发布时间:2019-07-26 02:32 来源:未知 编辑:admin

  在北京,我们竟无缘与当代中国画界的巨匠朱乃正先生面晤请教。朱先生在电话中说,身体状况不佳,但会配合我们完成采访。我们也觉得不该多占用艺术家的时间,便在中央美术学院留下采访提纲和要求,带着一份怅然回宁了。

  感谢左良、孙书咏、孙盛仁等青海画坛艺界的长者,作为朱先生的友朋,他们为我们提供了许多珍贵材料。孙书咏先生再三强调,朱乃正先生能有今天的成就,是他身具处逆境而能自强,不断探索艺术的精神;左良先生则讲述了朱先生情寄昆仑,心念青海画坛的情谊。而有读者不时通过电话,讲述与朱先生相交的故事,拿出珍藏的照片供我们选用。

  接下来,我们便开始研读朱先生邮赠的作品集,猜度先生人生行旅的浓彩淡墨,妄想悟得天才的一二秘密。展卷朱先生的作品,一种豪迈超拔、高阔健朗的气息扑面而来,带观者神游四极八荒,感觉自然的厚重与寂寥,品咂生命的繁盛与衰芜。朱先生的油画元气是如此充足丰沛,运笔是这样精深,让人不能不为之叹服。朱先生曾说:“(在艺术上)中西二者如何互相交融,吞吐弃纳,而择其精要,并创造自家之境界妙象,实乃正今后一大难题。”事实上,他一直在探索中西文化、艺术上的交汇点。一手调油彩,一手绘丹青,朱先生的艺术探索别具深意。他的水墨画灵秀中透露着大气,疏朗中流布着精致,诚如美术大家吴冠中所言:竭力融情致于混沌的墨色宇宙中。更令人惊异的是,朱先生不但是画坛妙手,而且精于书篆,是个名副其实的艺术奇才和通才。

  朱先生认为是青海的高山大川、高天浓云赋予了他作品的浑厚之气;而他关于青海的作品,又为观者提供了新的视角,可一睹这块高大陆的另一种形体。他的这些作品或高远,或沉静,总是展现着一种带有生命悸动的浑然大美,可以说是人类与自然交流的结晶,是美轮美奂、精神饱满昂扬的视觉佳构。

  从1959年来到青海,到1980年调回北京中央美术学院任教,朱乃正先生在青海生活了21年。他人在这里,则流连山川,豪饮放歌,探索艺术真谛;离开此地,则魂牵昆仑大风,梦绕西海碧波。

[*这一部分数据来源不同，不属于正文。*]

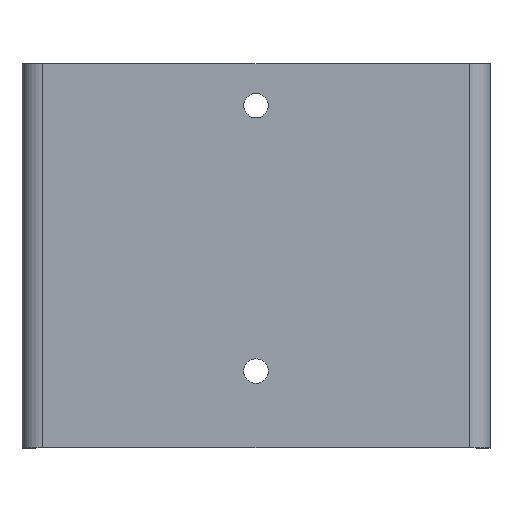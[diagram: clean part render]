
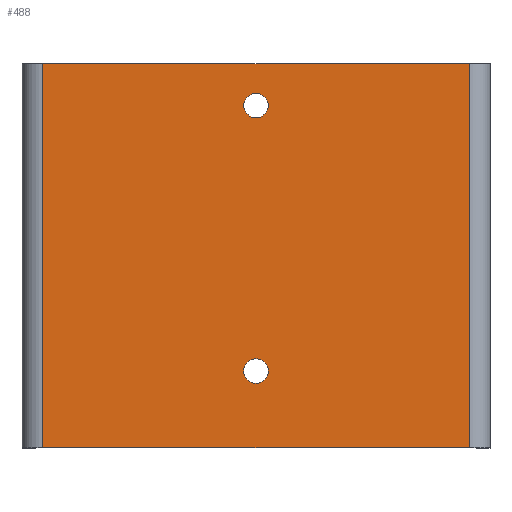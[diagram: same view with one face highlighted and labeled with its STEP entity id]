
A CAD part, top view. The second image highlights one B-rep face of the part: STEP entity #488.
In plain terms, the highlighted planar face has unit normal (0, 0, 1).
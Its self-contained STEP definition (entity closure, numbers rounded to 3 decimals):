
#44=FACE_BOUND('',#113,.T.);
#45=FACE_BOUND('',#114,.T.);
#52=CIRCLE('',#541,1.75);
#53=CIRCLE('',#542,1.75);
#84=FACE_OUTER_BOUND('',#112,.T.);
#112=EDGE_LOOP('',(#396,#397,#398,#399));
#113=EDGE_LOOP('',(#400));
#114=EDGE_LOOP('',(#401));
#155=LINE('',#760,#205);
#163=LINE('',#781,#213);
#166=LINE('',#787,#216);
#167=LINE('',#788,#217);
#205=VECTOR('',#611,10.);
#213=VECTOR('',#639,10.);
#216=VECTOR('',#644,10.);
#217=VECTOR('',#645,10.);
#250=VERTEX_POINT('',#757);
#251=VERTEX_POINT('',#759);
#254=VERTEX_POINT('',#780);
#256=VERTEX_POINT('',#786);
#257=VERTEX_POINT('',#789);
#258=VERTEX_POINT('',#791);
#292=EDGE_CURVE('',#251,#250,#155,.T.);
#303=EDGE_CURVE('',#251,#254,#163,.T.);
#306=EDGE_CURVE('',#256,#250,#166,.T.);
#307=EDGE_CURVE('',#256,#254,#167,.T.);
#308=EDGE_CURVE('',#257,#257,#52,.T.);
#309=EDGE_CURVE('',#258,#258,#53,.T.);
#396=ORIENTED_EDGE('',*,*,#292,.T.);
#397=ORIENTED_EDGE('',*,*,#306,.F.);
#398=ORIENTED_EDGE('',*,*,#307,.T.);
#399=ORIENTED_EDGE('',*,*,#303,.F.);
#400=ORIENTED_EDGE('',*,*,#308,.T.);
#401=ORIENTED_EDGE('',*,*,#309,.T.);
#464=PLANE('',#540);
#488=ADVANCED_FACE('',(#84,#44,#45),#464,.T.);
#540=AXIS2_PLACEMENT_3D('',#785,#642,#643);
#541=AXIS2_PLACEMENT_3D('',#790,#646,#647);
#542=AXIS2_PLACEMENT_3D('',#792,#648,#649);
#611=DIRECTION('',(0.,1.,0.));
#639=DIRECTION('',(-1.,0.,0.));
#642=DIRECTION('center_axis',(0.,0.,1.));
#643=DIRECTION('ref_axis',(1.,0.,0.));
#644=DIRECTION('',(1.,0.,0.));
#645=DIRECTION('',(0.,-1.,0.));
#646=DIRECTION('center_axis',(0.,0.,-1.));
#647=DIRECTION('ref_axis',(-1.,0.,0.));
#648=DIRECTION('center_axis',(0.,0.,-1.));
#649=DIRECTION('ref_axis',(-1.,0.,0.));
#757=CARTESIAN_POINT('',(30.5,27.5,0.));
#759=CARTESIAN_POINT('',(30.5,-27.5,0.));
#760=CARTESIAN_POINT('',(30.5,-13.75,0.));
#780=CARTESIAN_POINT('',(-30.5,-27.5,0.));
#781=CARTESIAN_POINT('',(33.5,-27.5,0.));
#785=CARTESIAN_POINT('Origin',(0.,0.,
0.));
#786=CARTESIAN_POINT('',(-30.5,27.5,0.));
#787=CARTESIAN_POINT('',(-33.5,27.5,0.));
#788=CARTESIAN_POINT('',(-30.5,13.75,0.));
#789=CARTESIAN_POINT('',(1.75,21.5,0.));
#790=CARTESIAN_POINT('Origin',(0.,21.5,0.));
#791=CARTESIAN_POINT('',(1.75,-16.5,0.));
#792=CARTESIAN_POINT('Origin',(0.,-16.5,0.));

二十多年来,他不断回到青海写生创作,访朋寻友,这已远远超出了艺术创作的范畴,而是一种情感的维系,而是对心灵栖息之地的一次次探寻。2002年,朱先生再次回来参加邮票《青海湖》的发行仪式。在接受我们的采访时,他再三强调标题一定要用《回望昆仑》,以表达他对青海的深情厚意。此后,他又出版了关于青海历时四十多年的写生作品集,并以《回望昆仑》名之。朱先生本出身于江南,却造就于祁连,这既是先生之幸,又是青海之荣啊。在那几天的接触中,朱先生的勤奋给我们留下了深刻的印象。我们发现先生的指缝留有油彩垢痕,以为是长期作画所致,不料,临行前朱先生变魔术般地展示了他抽空到黄南写生的五幅作品。

  最让人感动的是朱乃正先生对诗人昌耀的支持与眷顾,他书写的昌耀之诗给身染重病的诗人予以莫大的心灵慰藉。他录写昌耀诗句昆仑摩崖无韵之诗回赠诗人,而他的《五月星光》《青海长云》等作品又如何不是与昌耀诗歌同质,共属无韵之诗? (作者刘水 李羌)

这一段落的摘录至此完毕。